Friendly Finance Discount Corp. v. Bradley

705 F.2d 1409, 8 Collier Bankr. Cas. 2d 826, 1983 U.S. App. LEXIS 28042, 10 Bankr. Ct. Dec. (CRR) 1276
CourtCourt of Appeals for the Fifth Circuit
DecidedMay 12, 1983
DocketNo. 82-4471
StatusPublished
Cited by14 cases

This text of 705 F.2d 1409 (Friendly Finance Discount Corp. v. Bradley) is published on Counsel Stack Legal Research, covering Court of Appeals for the Fifth Circuit primary law. Counsel Stack provides free access to over 12 million legal documents including statutes, case law, regulations, and constitutions.

Bluebook
Friendly Finance Discount Corp. v. Bradley, 705 F.2d 1409, 8 Collier Bankr. Cas. 2d 826, 1983 U.S. App. LEXIS 28042, 10 Bankr. Ct. Dec. (CRR) 1276 (5th Cir. 1983).

Opinion

PER CURIAM:

This case arises under chapter 13 of the new Bankruptcy Code, 11 U.S.C. §§ 1301-1330 (Supp. V 1981), and requires us to decide, first, whether a chapter 13 wage-earner plan may be confirmed despite the fact that it permits a fully secured creditor to be paid “outside of the plan,” second, whether a section 1301 stay may prevent a creditor from collecting accelerated legal (as opposed to contractual) interest from an accommodation maker, and third, whether the creditor’s twenty-five-percent attorney’s fee in this case should be calculated on the basis of the state-court judgment of indebtedness before or after the inclusion of postjudgment interest in the principal amount. For the reasons set out below, we affirm the district court’s resolution of all three issues in favor of the debtor.

This case began on November 8, 1979, when Friendly Finance Discount Corporation obtained in state court the following default judgment against the debtor, Zella Mae Bradley, and her two accommodation makers:

IT IS THEREFORE ORDERED, ADJUDGED AND DECREED that there be judgment herein in favor of plaintiff, FRIENDLY FINANCE DISCOUNT CORPORATION, and against defendants, ZELLA MAE THOMAS BRADLEY, FLORIDA GREEN, and ROSA L. DIXON, in solido, in the full sum of FIVE THOUSAND ONE HUNDRED SEVENTY-EIGHT and 98/100 ($5178.98), with interest thereon at the rate under the Consumer Credit Law from date of judicial demand until December 5, 1982, and at 8% per annum thereafter, until paid, and together with 25% upon the aggregate of principal and interest due as attorney’s fees, and all costs hereof; less a credit of $650.00, October 22, 1979.

(typewritten parts of printed form emphasized). Unable to pay the judgment and threatened with an execution on a mortgage that she had given on various household effects to secure the debt, Bradley filed for relief under chapter 13 of the new Code on April 13, 1981. This filing automatically stayed any collection actions against Bradley, 11 U.S.C. § 362(a), or her two accommodation makers, 11 U.S.C. § 1301(a).

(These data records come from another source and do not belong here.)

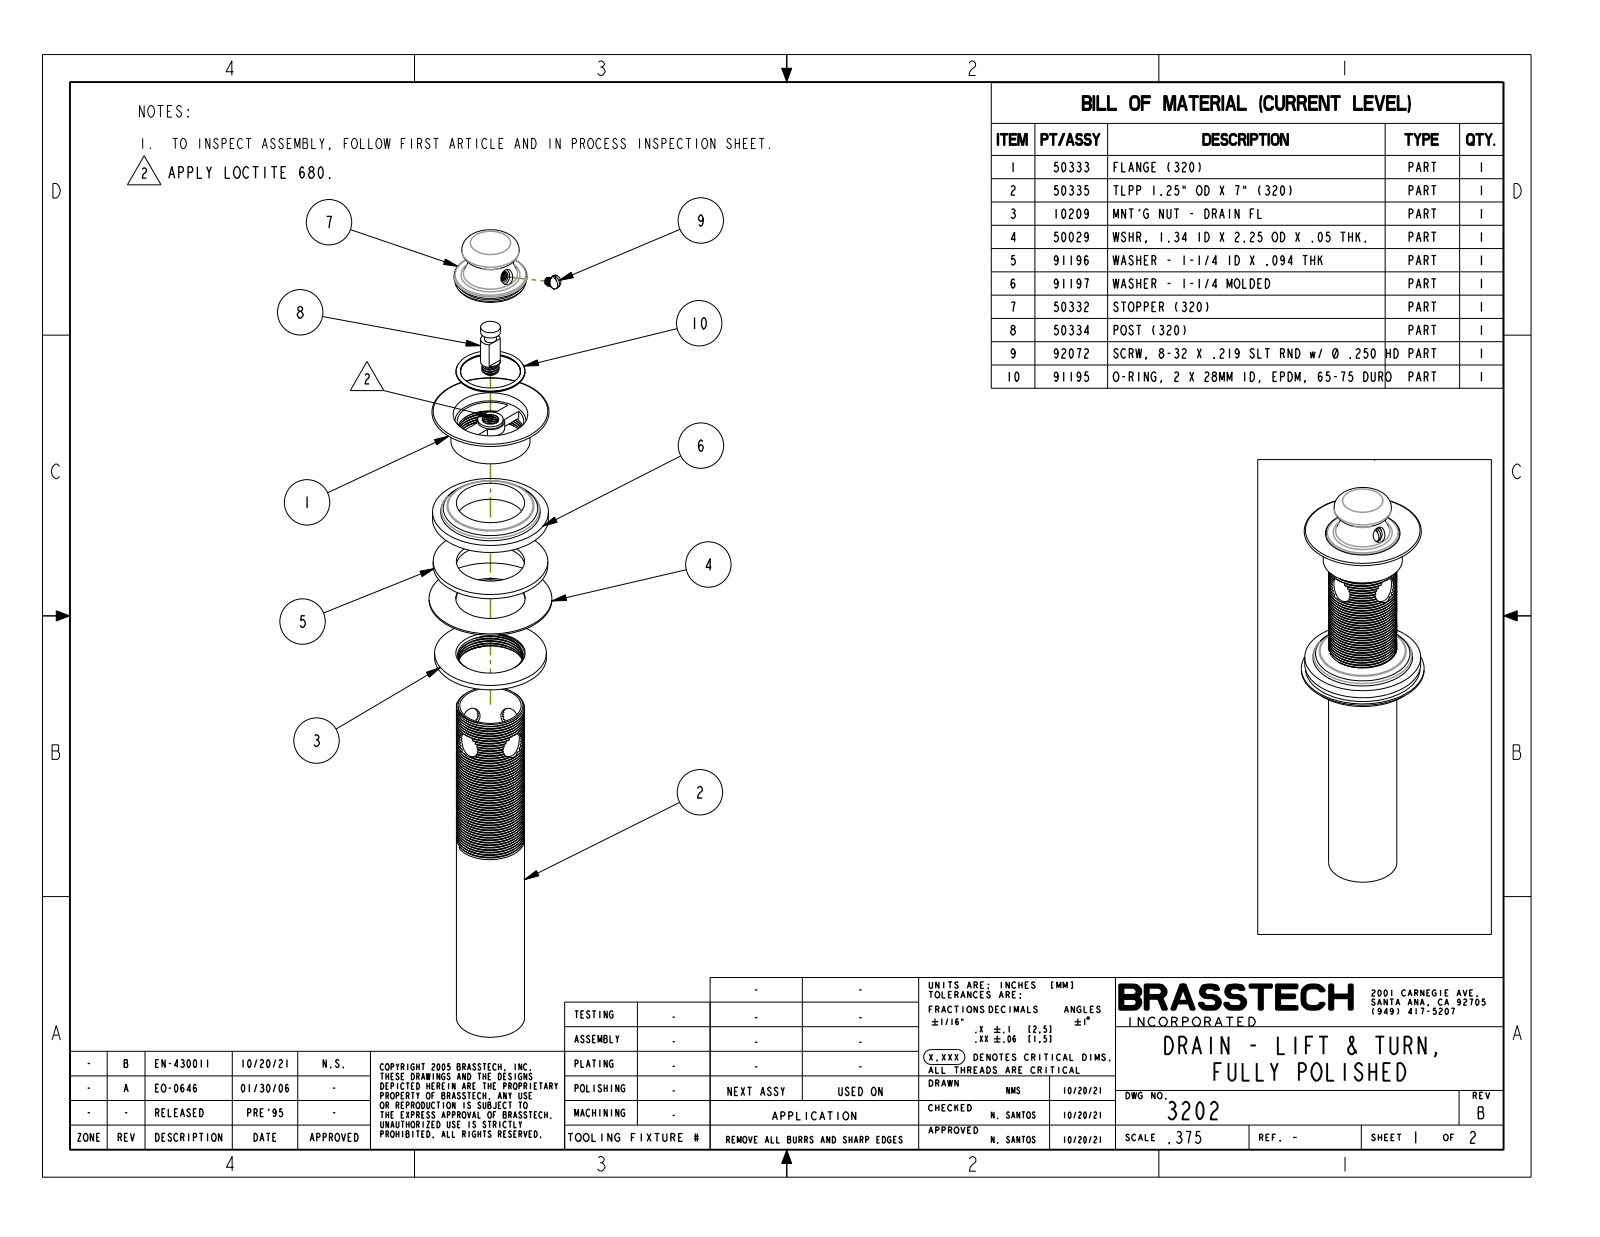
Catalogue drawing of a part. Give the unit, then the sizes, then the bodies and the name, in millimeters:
Units: millimetres
Overall size (bounding box): 206.3 × 57.2 × 57.2
Round holes (diameter × count): ⌀12.1 ×2, ⌀3.4 ×1, ⌀6.4 ×1, ⌀7.1 ×1, ⌀30.2 ×1, ⌀30.5 ×1
Round bosses / shafts (diameter × count): ⌀57.2 ×1, ⌀54 ×1, ⌀53.3 ×1, ⌀52.1 ×1, ⌀36.8 ×1, ⌀34.8 ×1, ⌀33.9 ×1, ⌀31.8 ×1
Partial cylindrical surfaces — rounded edges, fillets, slot ends (radius × count): R3.3 ×6, R6.4 ×1
Main face-to-face distances: 5.1, 10.2, 7.6, 8.4, 0.8, 22.9, 15.2, 14.5, 15.1, 7.5
Volume: 131 400 mm³ · Surface area: 95 550 mm²
Bodies: 2 solids, 620 faces (51 planar, 336 cylindrical, 233 other)
Part name (STEP PRODUCT): 3202
STEP written by: CREO PARAMETRIC BY PTC INC, 2018500 (CONFIG_CONTROL_DESIGN)
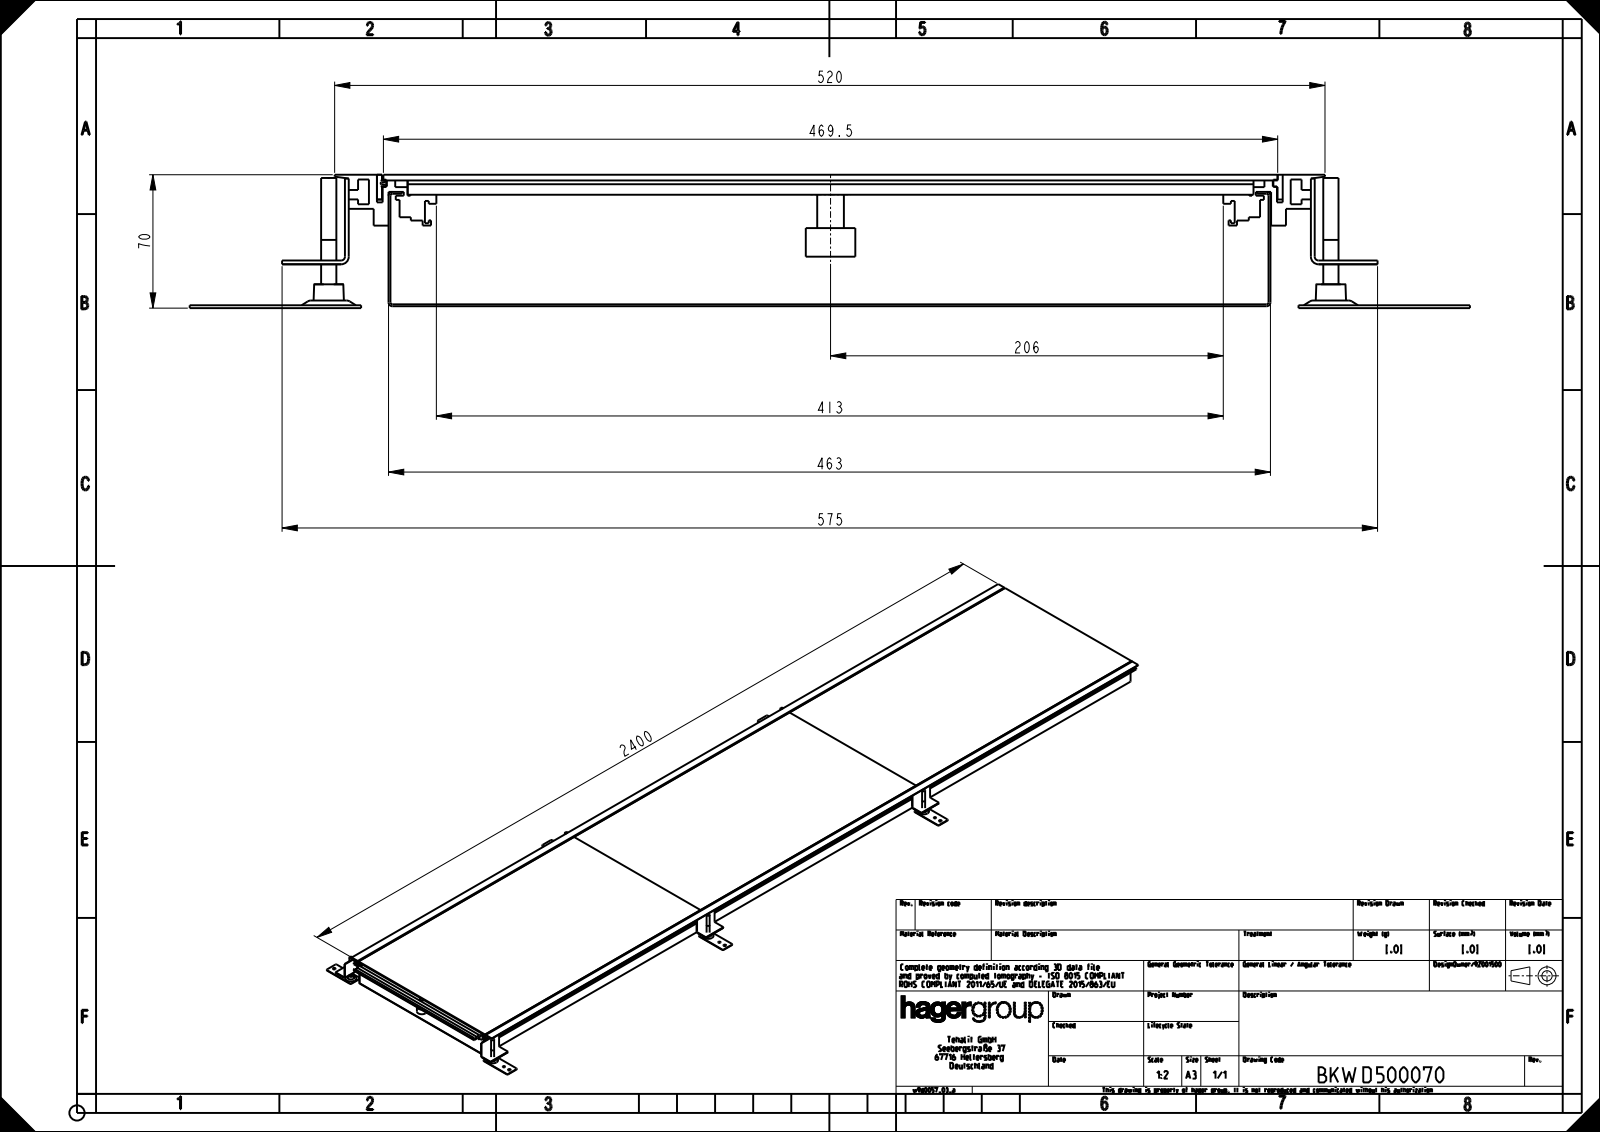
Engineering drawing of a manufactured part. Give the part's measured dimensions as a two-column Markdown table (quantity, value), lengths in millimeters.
| quantity | value |
| --- | --- |
| part name | U05644KUN; U05650KUN; U05647KUN; U05826KUN (+8 more) |
| STEP written by | CREO PARAMETRIC BY PTC INC, 2020281 (AUTOMOTIVE_DESIGN) |
| units | millimeters |
| bodies | 61 solids, 1036 faces (606 planar, 358 cylindrical, 72 other) |
| overall size | 2432.5 × 672.13 × 70 |
| volume | 9 085 000 mm³ |
| surface area | 7 489 000 mm² |
| round holes (diameter × count) | 7 × 15, 8 × 9, 10 × 9, 6 × 6, 8.5 × 6, 11.5 × 6, 17.5 × 6, 23 × 6 |
| round bosses / shafts (diameter × count) | 26 × 9, 14 × 9, 11.9 × 9, 20 × 6, 8 × 6 |
| partial cylindrical surfaces (radius × count) | 2 × 96, 3 × 24, 0.5 × 20, 1 × 4, 4 × 2 |
| main face-to-face distances | 1, 3, 65, 66, 69, 68, 7.5, 462, 6.5, 58.5 |
| hole center spacings | 800, 1600, 800.25, 801.1, 802.4, 981.21, 992.92, 1018.36 |

The United States Bankruptcy Court for the Western District of Louisiana granted final judgment in the case on August 11, 1981. Under the plan, as approved by the court, Bradley obligated herself to pay $125 per month, of which Friendly would receive $103.50, for forty-eight months. Bradley would also have $275 automatically deducted from her wages every month for approximately a year in order to complete repayments on a fully secured car loan that she had obtained from her employees’ credit union. These car payments, as the bankruptcy court phrased it, would be made “outside of the plan.” Although the parties agreed that Friendly’s claim was essentially unsecured- — Friendly’s mortgage on Bradley’s household effects was worth only $550 —Friendly insisted that the plan had been proposed in bad faith because it provided the credit union with a faster pay-out and because it provided for no increase in the moneys paid into the plan once the car payments ceased. The bankruptcy court rejected both of these arguments. The court also refused to permit Friendly to accelerate the legal interest charges imposed by the state court so that they could be collected immediately and in toto, as opposed to monthly as they fell due, from the two solvent accommodation makers. Finally, the bankruptcy court refused to include any legal interest charges in the basis for the calculation of Friendly’s twenty-five-percent attorney’s fee. The district court affirmed the judgment of the bankruptcy court in all respects.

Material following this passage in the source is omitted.